◆ **WHAT THE EXERCISE ASKS**
Filter the lines below, copying only those with the string "linetype".

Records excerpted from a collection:

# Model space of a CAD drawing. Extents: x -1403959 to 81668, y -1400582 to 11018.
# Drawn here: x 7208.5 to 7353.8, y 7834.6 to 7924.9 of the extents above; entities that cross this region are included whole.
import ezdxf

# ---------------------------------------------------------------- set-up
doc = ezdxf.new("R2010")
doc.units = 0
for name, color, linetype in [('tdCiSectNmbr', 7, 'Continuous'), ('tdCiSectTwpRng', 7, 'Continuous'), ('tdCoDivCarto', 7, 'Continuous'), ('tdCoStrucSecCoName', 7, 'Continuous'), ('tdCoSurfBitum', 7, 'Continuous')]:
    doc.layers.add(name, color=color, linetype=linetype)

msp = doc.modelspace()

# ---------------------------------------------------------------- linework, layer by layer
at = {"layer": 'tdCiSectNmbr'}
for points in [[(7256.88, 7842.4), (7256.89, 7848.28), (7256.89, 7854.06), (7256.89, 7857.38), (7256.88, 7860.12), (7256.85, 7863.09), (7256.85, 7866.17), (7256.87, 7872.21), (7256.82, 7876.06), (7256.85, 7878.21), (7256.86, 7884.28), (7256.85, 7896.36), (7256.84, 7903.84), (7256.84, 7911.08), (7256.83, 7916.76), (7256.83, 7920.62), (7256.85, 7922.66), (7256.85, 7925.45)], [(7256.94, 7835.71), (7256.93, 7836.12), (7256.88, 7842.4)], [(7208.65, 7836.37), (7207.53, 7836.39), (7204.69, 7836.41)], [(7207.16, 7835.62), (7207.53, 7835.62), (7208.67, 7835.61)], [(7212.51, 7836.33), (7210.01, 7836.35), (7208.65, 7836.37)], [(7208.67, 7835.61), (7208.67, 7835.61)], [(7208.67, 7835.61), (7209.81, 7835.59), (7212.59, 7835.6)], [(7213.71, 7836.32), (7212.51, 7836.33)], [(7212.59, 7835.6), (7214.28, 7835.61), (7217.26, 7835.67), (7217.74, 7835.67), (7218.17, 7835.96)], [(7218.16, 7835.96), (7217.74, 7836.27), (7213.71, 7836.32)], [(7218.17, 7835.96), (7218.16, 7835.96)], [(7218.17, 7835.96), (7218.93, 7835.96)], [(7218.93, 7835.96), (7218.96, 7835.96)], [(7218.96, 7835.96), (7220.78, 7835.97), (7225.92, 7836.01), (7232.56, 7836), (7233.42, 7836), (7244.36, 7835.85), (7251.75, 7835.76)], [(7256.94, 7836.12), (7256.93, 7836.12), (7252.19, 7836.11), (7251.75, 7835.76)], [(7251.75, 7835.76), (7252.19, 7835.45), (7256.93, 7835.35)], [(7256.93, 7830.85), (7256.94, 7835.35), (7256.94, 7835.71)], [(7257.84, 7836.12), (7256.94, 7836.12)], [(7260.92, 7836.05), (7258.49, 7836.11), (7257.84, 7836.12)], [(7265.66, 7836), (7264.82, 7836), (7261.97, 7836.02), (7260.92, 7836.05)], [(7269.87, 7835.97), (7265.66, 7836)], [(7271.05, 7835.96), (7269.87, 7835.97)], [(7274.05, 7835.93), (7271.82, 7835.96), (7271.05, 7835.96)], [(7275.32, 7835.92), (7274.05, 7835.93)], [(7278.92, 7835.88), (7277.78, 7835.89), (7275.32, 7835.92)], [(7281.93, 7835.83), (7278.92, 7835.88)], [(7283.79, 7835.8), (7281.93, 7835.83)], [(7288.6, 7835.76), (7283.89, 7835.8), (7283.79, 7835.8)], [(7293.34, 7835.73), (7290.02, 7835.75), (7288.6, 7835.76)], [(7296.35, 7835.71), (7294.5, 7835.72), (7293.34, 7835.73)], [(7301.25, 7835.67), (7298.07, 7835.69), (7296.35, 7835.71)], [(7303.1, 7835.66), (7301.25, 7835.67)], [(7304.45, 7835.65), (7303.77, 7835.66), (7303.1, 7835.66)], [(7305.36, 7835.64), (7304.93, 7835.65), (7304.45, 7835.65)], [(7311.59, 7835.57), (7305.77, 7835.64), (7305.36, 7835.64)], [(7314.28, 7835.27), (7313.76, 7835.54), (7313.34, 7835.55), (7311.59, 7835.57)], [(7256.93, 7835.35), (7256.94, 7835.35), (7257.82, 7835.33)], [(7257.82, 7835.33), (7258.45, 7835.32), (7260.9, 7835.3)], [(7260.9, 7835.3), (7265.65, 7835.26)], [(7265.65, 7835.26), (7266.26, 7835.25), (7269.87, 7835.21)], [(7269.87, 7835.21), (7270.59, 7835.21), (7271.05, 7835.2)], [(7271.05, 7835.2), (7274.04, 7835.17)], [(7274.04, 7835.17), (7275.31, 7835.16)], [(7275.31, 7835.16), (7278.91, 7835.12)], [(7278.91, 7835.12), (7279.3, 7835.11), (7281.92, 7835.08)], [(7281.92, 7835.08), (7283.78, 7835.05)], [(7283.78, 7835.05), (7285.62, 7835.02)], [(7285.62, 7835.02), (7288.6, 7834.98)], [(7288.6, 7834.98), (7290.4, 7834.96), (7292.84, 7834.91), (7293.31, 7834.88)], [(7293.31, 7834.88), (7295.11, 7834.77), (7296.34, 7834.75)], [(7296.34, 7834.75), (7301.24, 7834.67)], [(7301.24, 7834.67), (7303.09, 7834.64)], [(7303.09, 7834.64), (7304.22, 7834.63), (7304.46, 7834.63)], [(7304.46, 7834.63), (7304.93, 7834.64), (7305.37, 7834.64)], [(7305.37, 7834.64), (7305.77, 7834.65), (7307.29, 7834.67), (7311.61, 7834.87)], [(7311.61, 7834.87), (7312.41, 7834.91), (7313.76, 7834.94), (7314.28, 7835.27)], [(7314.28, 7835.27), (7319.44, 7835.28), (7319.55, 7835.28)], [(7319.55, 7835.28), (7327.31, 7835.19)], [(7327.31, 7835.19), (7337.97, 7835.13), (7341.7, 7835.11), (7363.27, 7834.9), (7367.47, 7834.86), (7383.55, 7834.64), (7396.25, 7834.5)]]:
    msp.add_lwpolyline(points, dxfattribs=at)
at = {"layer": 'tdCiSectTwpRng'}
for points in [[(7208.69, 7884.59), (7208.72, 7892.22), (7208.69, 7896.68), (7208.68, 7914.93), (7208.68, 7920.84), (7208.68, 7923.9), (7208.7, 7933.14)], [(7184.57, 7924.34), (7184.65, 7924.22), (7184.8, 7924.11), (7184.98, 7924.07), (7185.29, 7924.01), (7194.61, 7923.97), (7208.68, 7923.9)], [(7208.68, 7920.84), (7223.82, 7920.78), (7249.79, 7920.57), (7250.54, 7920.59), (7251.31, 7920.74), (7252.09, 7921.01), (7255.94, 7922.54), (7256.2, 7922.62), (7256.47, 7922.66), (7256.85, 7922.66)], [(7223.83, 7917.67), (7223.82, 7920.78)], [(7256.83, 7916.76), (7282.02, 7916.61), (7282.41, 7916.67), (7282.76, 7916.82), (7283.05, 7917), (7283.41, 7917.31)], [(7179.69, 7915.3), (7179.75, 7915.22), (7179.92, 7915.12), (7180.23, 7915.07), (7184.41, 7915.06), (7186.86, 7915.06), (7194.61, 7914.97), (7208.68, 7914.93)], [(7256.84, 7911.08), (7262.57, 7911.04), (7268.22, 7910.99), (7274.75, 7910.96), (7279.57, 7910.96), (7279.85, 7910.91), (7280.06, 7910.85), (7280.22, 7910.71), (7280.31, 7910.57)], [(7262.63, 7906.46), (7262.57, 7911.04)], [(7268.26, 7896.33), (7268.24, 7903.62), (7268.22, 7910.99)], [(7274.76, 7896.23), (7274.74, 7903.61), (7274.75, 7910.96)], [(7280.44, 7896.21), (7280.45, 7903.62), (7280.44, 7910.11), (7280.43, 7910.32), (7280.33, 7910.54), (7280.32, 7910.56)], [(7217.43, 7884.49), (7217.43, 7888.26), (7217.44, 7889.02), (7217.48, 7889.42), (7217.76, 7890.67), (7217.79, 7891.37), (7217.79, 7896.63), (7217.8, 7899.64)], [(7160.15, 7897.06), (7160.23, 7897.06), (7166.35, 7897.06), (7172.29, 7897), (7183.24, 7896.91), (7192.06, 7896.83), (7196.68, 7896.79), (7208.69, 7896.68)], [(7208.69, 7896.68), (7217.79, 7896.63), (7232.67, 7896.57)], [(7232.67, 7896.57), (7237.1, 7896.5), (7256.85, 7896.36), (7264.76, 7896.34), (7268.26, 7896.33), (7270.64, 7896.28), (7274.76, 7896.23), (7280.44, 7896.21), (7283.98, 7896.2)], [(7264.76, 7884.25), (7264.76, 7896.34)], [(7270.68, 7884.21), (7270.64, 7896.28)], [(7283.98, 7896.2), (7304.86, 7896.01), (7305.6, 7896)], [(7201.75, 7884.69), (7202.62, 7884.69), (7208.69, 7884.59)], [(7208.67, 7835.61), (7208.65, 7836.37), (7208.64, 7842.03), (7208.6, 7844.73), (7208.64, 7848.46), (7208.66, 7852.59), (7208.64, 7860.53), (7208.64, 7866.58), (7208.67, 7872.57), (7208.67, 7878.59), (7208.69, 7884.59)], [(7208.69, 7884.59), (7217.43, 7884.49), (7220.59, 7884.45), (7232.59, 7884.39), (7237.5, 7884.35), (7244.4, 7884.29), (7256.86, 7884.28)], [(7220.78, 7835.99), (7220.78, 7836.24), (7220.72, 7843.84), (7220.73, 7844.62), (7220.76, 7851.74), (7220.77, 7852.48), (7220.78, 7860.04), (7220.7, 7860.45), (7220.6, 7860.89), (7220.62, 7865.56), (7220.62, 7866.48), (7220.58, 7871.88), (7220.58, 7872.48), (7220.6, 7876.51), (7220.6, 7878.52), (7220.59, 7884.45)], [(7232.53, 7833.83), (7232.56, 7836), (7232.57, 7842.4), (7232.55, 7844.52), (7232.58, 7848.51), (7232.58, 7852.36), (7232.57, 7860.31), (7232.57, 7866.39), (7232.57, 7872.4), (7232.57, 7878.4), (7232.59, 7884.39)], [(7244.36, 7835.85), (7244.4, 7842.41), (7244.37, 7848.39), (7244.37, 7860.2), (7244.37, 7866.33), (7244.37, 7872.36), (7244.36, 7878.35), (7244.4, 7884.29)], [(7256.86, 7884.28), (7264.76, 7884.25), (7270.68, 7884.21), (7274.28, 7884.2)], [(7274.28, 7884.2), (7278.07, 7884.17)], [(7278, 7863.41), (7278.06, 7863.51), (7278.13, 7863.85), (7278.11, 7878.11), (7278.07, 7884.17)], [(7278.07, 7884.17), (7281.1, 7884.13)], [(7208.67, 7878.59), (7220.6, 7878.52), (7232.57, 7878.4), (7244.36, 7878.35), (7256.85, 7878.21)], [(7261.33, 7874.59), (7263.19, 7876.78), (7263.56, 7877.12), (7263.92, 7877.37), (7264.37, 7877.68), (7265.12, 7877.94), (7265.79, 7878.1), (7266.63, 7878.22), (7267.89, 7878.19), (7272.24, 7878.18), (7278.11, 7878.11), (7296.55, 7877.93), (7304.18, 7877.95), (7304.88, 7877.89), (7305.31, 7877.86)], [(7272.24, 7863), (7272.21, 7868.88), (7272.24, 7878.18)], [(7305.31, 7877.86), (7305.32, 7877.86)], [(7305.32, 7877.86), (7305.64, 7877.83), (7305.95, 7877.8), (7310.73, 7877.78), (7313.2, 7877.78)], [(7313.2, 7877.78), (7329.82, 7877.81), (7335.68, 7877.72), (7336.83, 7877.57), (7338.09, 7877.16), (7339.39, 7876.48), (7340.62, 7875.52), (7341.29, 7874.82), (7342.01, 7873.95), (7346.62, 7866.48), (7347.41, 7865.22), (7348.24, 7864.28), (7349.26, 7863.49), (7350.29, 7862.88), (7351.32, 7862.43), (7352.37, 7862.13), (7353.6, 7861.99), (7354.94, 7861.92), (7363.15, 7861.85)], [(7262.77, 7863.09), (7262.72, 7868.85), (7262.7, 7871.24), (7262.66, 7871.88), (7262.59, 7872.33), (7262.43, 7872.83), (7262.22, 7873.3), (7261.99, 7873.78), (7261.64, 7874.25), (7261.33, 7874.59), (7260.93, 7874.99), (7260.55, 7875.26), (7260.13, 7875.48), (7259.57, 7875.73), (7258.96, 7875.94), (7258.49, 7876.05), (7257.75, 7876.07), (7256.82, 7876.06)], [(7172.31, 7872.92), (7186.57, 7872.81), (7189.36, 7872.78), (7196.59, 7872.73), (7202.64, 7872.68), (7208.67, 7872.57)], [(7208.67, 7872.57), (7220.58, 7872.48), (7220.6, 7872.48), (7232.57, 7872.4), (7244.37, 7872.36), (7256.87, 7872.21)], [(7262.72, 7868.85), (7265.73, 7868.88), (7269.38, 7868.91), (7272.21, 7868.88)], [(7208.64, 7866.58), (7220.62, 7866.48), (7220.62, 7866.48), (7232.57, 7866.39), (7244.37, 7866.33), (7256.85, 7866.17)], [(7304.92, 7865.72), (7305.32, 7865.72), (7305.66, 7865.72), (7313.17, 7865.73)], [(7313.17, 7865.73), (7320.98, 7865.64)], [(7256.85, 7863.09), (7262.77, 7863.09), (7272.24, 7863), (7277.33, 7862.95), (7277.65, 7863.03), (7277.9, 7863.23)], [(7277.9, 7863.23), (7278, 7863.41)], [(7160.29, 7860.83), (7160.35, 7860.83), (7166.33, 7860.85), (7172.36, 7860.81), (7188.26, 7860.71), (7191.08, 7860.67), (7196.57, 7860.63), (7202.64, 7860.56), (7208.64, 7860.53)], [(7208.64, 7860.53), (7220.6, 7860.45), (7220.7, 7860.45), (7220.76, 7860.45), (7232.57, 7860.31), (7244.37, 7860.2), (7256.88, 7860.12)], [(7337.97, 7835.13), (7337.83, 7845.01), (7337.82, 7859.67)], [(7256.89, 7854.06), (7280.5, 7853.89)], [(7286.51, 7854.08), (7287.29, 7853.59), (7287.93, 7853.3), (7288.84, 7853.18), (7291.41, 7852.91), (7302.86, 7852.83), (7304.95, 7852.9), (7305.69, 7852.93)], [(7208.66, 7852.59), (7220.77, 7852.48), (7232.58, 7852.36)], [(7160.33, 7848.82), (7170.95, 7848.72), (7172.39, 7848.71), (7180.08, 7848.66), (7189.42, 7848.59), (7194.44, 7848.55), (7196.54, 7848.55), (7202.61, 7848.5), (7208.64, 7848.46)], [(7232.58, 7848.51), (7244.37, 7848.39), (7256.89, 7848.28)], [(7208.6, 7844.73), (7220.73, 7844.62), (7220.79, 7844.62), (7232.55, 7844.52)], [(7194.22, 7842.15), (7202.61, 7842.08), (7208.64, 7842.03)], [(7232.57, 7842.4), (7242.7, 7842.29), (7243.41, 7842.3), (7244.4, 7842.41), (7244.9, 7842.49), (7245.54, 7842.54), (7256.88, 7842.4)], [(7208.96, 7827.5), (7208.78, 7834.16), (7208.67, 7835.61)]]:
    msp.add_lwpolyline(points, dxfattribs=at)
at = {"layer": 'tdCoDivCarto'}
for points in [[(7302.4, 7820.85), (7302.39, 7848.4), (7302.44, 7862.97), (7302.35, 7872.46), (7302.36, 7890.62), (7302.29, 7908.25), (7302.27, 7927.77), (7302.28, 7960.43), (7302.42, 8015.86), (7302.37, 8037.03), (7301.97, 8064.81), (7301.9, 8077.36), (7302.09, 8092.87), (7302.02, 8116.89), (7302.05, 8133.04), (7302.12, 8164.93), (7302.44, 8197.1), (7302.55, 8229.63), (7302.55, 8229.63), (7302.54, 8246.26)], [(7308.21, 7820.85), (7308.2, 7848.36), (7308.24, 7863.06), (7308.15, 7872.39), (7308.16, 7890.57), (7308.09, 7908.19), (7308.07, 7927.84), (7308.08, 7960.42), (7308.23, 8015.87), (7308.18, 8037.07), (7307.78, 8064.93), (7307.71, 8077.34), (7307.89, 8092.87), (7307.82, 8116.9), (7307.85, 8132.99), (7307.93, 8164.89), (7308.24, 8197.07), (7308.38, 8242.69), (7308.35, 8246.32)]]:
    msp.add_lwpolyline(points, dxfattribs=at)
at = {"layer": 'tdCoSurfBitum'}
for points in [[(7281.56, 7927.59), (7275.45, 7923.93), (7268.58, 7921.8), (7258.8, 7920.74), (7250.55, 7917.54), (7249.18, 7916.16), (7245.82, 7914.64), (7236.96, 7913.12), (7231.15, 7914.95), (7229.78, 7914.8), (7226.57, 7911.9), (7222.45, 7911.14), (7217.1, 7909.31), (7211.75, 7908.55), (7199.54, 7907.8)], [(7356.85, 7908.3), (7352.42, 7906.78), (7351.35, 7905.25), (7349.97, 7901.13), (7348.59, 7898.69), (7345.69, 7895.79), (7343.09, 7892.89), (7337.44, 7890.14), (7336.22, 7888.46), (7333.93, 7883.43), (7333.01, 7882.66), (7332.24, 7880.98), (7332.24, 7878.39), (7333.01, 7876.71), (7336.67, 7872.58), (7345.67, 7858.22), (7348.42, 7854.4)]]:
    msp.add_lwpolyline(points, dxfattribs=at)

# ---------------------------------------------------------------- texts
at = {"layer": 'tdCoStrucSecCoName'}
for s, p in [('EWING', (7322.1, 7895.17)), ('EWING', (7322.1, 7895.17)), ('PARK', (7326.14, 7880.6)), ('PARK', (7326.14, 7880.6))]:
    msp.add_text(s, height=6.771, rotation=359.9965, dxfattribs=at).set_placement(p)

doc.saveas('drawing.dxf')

◆ **ANSWER SPACE**
for name, color, linetype in [('tdCiSectNmbr', 7, 'Continuous'), ('tdCiSectTwpRng', 7, 'Continuous'), ('tdCoDivCarto', 7, 'Continuous'), ('tdCoStrucSecCoName', 7, 'Continuous'), ('tdCoSurfBitum', 7, 'Continuous')]:
    doc.layers.add(name, color=color, linetype=linetype)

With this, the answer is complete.